Problem to solve »
Which lines of the listing hold the string "under"? Show each of them.

Records for the exercise »
::::::::
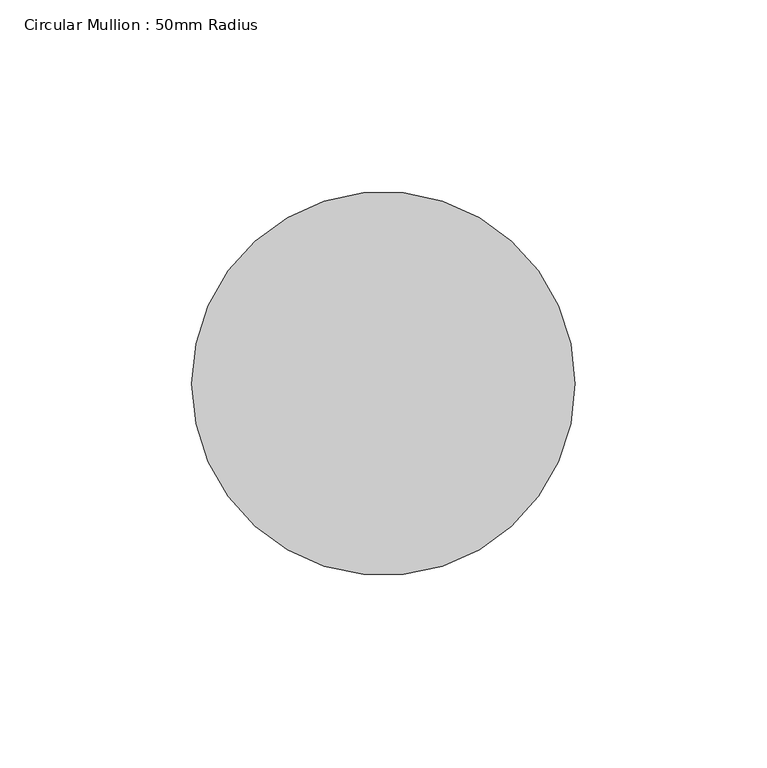
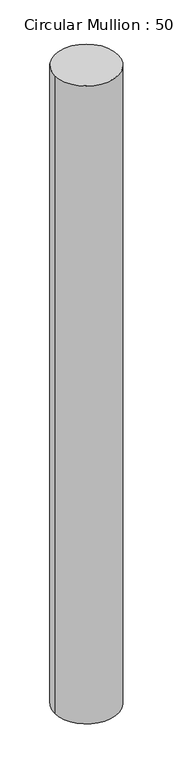
"""IFC4 building model written with IfcOpenShell, lengths in millimetres: member geometry, Circular Mullion : 50mm Radius."""

from ifc_helpers import new_model, si_unit, point, frame, origin, origin_2d, place, context, project, spatial, circle_curve, trimmed, segment, composite_curve, outline, extrude, source, transform, mapped, element, save


def circular_mullion_50mm_radius_614d2024(model_context):
    return source(origin(), model_context, "Body", "SweptSolid", [
        extrude(outline(composite_curve([segment(trimmed(circle_curve(origin_2d(), 50.0), [point((50.0, 0.0))], [point((-50.0, 0.0))], False, "CARTESIAN"), True, "CONTINUOUS"), segment(trimmed(circle_curve(origin_2d(), 50.0), [point((-50.0, 0.0))], [point((50.0, 0.0))], False, "CARTESIAN"), True, "CONTINUOUS")], self_intersect=False)), frame((0.0, 0.0, -1066.8394023), z_axis=(0.0, 0.0, 1.0), x_axis=(1.0, 0.0, 0.0)), (0.0, 0.0, 1.0), 1066.8394023),
    ])


if __name__ == "__main__":
    model = new_model("IFC4")
    model_context = context("Model", 3, world=origin())
    ifc_project = project(units=[si_unit("LENGTHUNIT", "METRE", prefix="MILLI")], contexts=[model_context])
    site = spatial("IfcSite", under=ifc_project)
    building = spatial("IfcBuilding", under=site)
    placement = place(None, origin())
    circular_mullion_50mm_radius_shape = circular_mullion_50mm_radius_614d2024(model_context)
    element("IfcMember", 1, ObjectType="Circular Mullion : 50mm Radius", at=placement, inside=building, context=model_context, shape_type="MappedRepresentation", body=[
        mapped(circular_mullion_50mm_radius_shape, transform((0.0, 0.0, 0.0), x_axis=(1.0, 0.0, 0.0), y_axis=(0.0, 1.0, 0.0), z_axis=(0.0, 0.0, 1.0))),
    ])
    save(model, "model.ifc")

# Revit data of these elements
# Type "Circular Mullion : 50mm Radius"
#   built-in parameter 1007350 = 0.164042 (stored number, unit not read)
# Element 1 (IfcMember, "Circular Mullion : 50mm Radius")
#   Materials on its faces: "Aluminium"
# Materials
#   "Aluminium": class "Metal", colour RGB 247 247 247, transparency 0, Description = "Aluminium 6061", Cost = 0
::::::::
Result »
    site = spatial("IfcSite", under=ifc_project)
    building = spatial("IfcBuilding", under=site)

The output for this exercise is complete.